**Problem requirements:**
Without the images, print every line of the material below exactly as given.

**Records provided:**
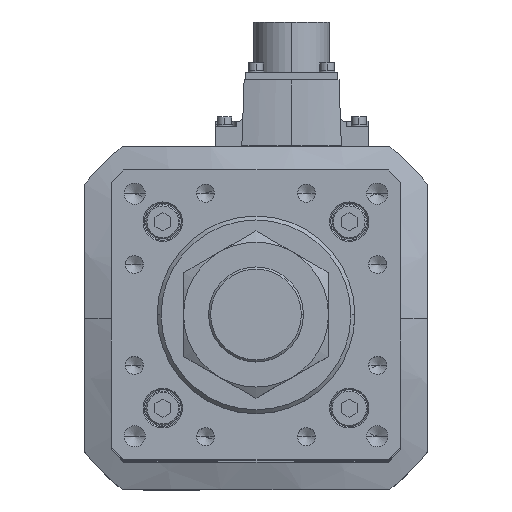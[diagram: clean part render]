
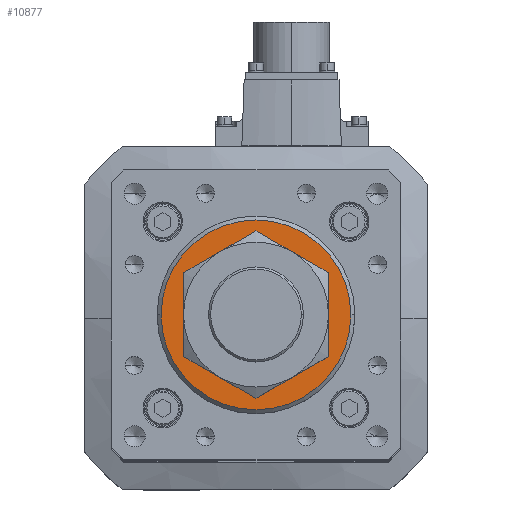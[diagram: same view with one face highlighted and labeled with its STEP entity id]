
A CAD part, top view. The second image highlights one B-rep face of the part: STEP entity #10877.
In plain terms, the highlighted planar face has unit normal (0, 0, 1).
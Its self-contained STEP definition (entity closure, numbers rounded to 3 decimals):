
#57 = FACE_BOUND ( 'NONE', #21164, .T. ) ;
#269 = ORIENTED_EDGE ( 'NONE', *, *, #17467, .T. ) ;
#283 = CARTESIAN_POINT ( 'NONE',  ( 0., 0., 446. ) ) ;
#673 = DIRECTION ( 'NONE',  ( 0., 0., 1. ) ) ;
#3344 = AXIS2_PLACEMENT_3D ( 'NONE', #18493, #673, #15045 ) ;
#4655 = EDGE_CURVE ( 'NONE', #21180, #14154, #26862, .T. ) ;
#8084 = AXIS2_PLACEMENT_3D ( 'NONE', #9116, #15259, #35597 ) ;
#8410 = PLANE ( 'NONE',  #32371 ) ;
#8496 = CIRCLE ( 'NONE', #23183, 36. ) ;
#8807 = AXIS2_PLACEMENT_3D ( 'NONE', #26025, #34200, #17147 ) ;
#9104 = CARTESIAN_POINT ( 'NONE',  ( -23., 0., 446. ) ) ;
#9116 = CARTESIAN_POINT ( 'NONE',  ( 0., 0., 446. ) ) ;
#9883 = CARTESIAN_POINT ( 'NONE',  ( -36., 0., 446. ) ) ;
#10877 = ADVANCED_FACE ( 'NONE', ( #57, #14639 ), #8410, .T. ) ;
#14154 = VERTEX_POINT ( 'NONE', #34278 ) ;
#14156 = DIRECTION ( 'NONE',  ( 1., 0., 0. ) ) ;
#14639 = FACE_OUTER_BOUND ( 'NONE', #33710, .T. ) ;
#15045 = DIRECTION ( 'NONE',  ( 1., 0., 0. ) ) ;
#15259 = DIRECTION ( 'NONE',  ( 0., 0., -1. ) ) ;
#16215 = CIRCLE ( 'NONE', #8807, 23. ) ;
#17147 = DIRECTION ( 'NONE',  ( 1., 0., 0. ) ) ;
#17467 = EDGE_CURVE ( 'NONE', #14154, #21180, #8496, .T. ) ;
#17980 = DIRECTION ( 'NONE',  ( 0., 0., 1. ) ) ;
#18493 = CARTESIAN_POINT ( 'NONE',  ( 0., 0., 446. ) ) ;
#18508 = CIRCLE ( 'NONE', #8084, 23. ) ;
#19898 = DIRECTION ( 'NONE',  ( 1., 0., 0. ) ) ;
#21164 = EDGE_LOOP ( 'NONE', ( #26001, #21169 ) ) ;
#21169 = ORIENTED_EDGE ( 'NONE', *, *, #25394, .T. ) ;
#21180 = VERTEX_POINT ( 'NONE', #9883 ) ;
#22701 = VERTEX_POINT ( 'NONE', #9104 ) ;
#22781 = CARTESIAN_POINT ( 'NONE',  ( 0., 0., 446. ) ) ;
#23183 = AXIS2_PLACEMENT_3D ( 'NONE', #283, #17980, #19898 ) ;
#23946 = ORIENTED_EDGE ( 'NONE', *, *, #4655, .T. ) ;
#24388 = CARTESIAN_POINT ( 'NONE',  ( 23., 0., 446. ) ) ;
#25394 = EDGE_CURVE ( 'NONE', #22701, #31615, #18508, .T. ) ;
#25717 = EDGE_CURVE ( 'NONE', #31615, #22701, #16215, .T. ) ;
#26001 = ORIENTED_EDGE ( 'NONE', *, *, #25717, .T. ) ;
#26025 = CARTESIAN_POINT ( 'NONE',  ( 0., 0., 446. ) ) ;
#26862 = CIRCLE ( 'NONE', #3344, 36. ) ;
#31615 = VERTEX_POINT ( 'NONE', #24388 ) ;
#32371 = AXIS2_PLACEMENT_3D ( 'NONE', #22781, #34391, #14156 ) ;
#33710 = EDGE_LOOP ( 'NONE', ( #23946, #269 ) ) ;
#34200 = DIRECTION ( 'NONE',  ( 0., 0., -1. ) ) ;
#34278 = CARTESIAN_POINT ( 'NONE',  ( 36., 0., 446. ) ) ;
#34391 = DIRECTION ( 'NONE',  ( 0., 0., 1. ) ) ;
#35597 = DIRECTION ( 'NONE',  ( 1., 0., 0. ) ) ;

**Solution to this problem:**
[diagram: clean part render]
[diagram: same view with one face highlighted and labeled with its STEP entity id]
A CAD part, top view. The second image highlights one B-rep face of the part: STEP entity #10877.
In plain terms, the highlighted planar face has unit normal (0, 0, 1).
Its self-contained STEP definition (entity closure, numbers rounded to 3 decimals):
#57 = FACE_BOUND ( 'NONE', #21164, .T. ) ;
#269 = ORIENTED_EDGE ( 'NONE', *, *, #17467, .T. ) ;
#283 = CARTESIAN_POINT ( 'NONE',  ( 0., 0., 446. ) ) ;
#673 = DIRECTION ( 'NONE',  ( 0., 0., 1. ) ) ;
#3344 = AXIS2_PLACEMENT_3D ( 'NONE', #18493, #673, #15045 ) ;
#4655 = EDGE_CURVE ( 'NONE', #21180, #14154, #26862, .T. ) ;
#8084 = AXIS2_PLACEMENT_3D ( 'NONE', #9116, #15259, #35597 ) ;
#8410 = PLANE ( 'NONE',  #32371 ) ;
#8496 = CIRCLE ( 'NONE', #23183, 36. ) ;
#8807 = AXIS2_PLACEMENT_3D ( 'NONE', #26025, #34200, #17147 ) ;
#9104 = CARTESIAN_POINT ( 'NONE',  ( -23., 0., 446. ) ) ;
#9116 = CARTESIAN_POINT ( 'NONE',  ( 0., 0., 446. ) ) ;
#9883 = CARTESIAN_POINT ( 'NONE',  ( -36., 0., 446. ) ) ;
#10877 = ADVANCED_FACE ( 'NONE', ( #57, #14639 ), #8410, .T. ) ;
#14154 = VERTEX_POINT ( 'NONE', #34278 ) ;
#14156 = DIRECTION ( 'NONE',  ( 1., 0., 0. ) ) ;
#14639 = FACE_OUTER_BOUND ( 'NONE', #33710, .T. ) ;
#15045 = DIRECTION ( 'NONE',  ( 1., 0., 0. ) ) ;
#15259 = DIRECTION ( 'NONE',  ( 0., 0., -1. ) ) ;
#16215 = CIRCLE ( 'NONE', #8807, 23. ) ;
#17147 = DIRECTION ( 'NONE',  ( 1., 0., 0. ) ) ;
#17467 = EDGE_CURVE ( 'NONE', #14154, #21180, #8496, .T. ) ;
#17980 = DIRECTION ( 'NONE',  ( 0., 0., 1. ) ) ;
#18493 = CARTESIAN_POINT ( 'NONE',  ( 0., 0., 446. ) ) ;
#18508 = CIRCLE ( 'NONE', #8084, 23. ) ;
#19898 = DIRECTION ( 'NONE',  ( 1., 0., 0. ) ) ;
#21164 = EDGE_LOOP ( 'NONE', ( #26001, #21169 ) ) ;
#21169 = ORIENTED_EDGE ( 'NONE', *, *, #25394, .T. ) ;
#21180 = VERTEX_POINT ( 'NONE', #9883 ) ;
#22701 = VERTEX_POINT ( 'NONE', #9104 ) ;
#22781 = CARTESIAN_POINT ( 'NONE',  ( 0., 0., 446. ) ) ;
#23183 = AXIS2_PLACEMENT_3D ( 'NONE', #283, #17980, #19898 ) ;
#23946 = ORIENTED_EDGE ( 'NONE', *, *, #4655, .T. ) ;
#24388 = CARTESIAN_POINT ( 'NONE',  ( 23., 0., 446. ) ) ;
#25394 = EDGE_CURVE ( 'NONE', #22701, #31615, #18508, .T. ) ;
#25717 = EDGE_CURVE ( 'NONE', #31615, #22701, #16215, .T. ) ;
#26001 = ORIENTED_EDGE ( 'NONE', *, *, #25717, .T. ) ;
#26025 = CARTESIAN_POINT ( 'NONE',  ( 0., 0., 446. ) ) ;
#26862 = CIRCLE ( 'NONE', #3344, 36. ) ;
#31615 = VERTEX_POINT ( 'NONE', #24388 ) ;
#32371 = AXIS2_PLACEMENT_3D ( 'NONE', #22781, #34391, #14156 ) ;
#33710 = EDGE_LOOP ( 'NONE', ( #23946, #269 ) ) ;
#34200 = DIRECTION ( 'NONE',  ( 0., 0., -1. ) ) ;
#34278 = CARTESIAN_POINT ( 'NONE',  ( 36., 0., 446. ) ) ;
#34391 = DIRECTION ( 'NONE',  ( 0., 0., 1. ) ) ;
#35597 = DIRECTION ( 'NONE',  ( 1., 0., 0. ) ) ;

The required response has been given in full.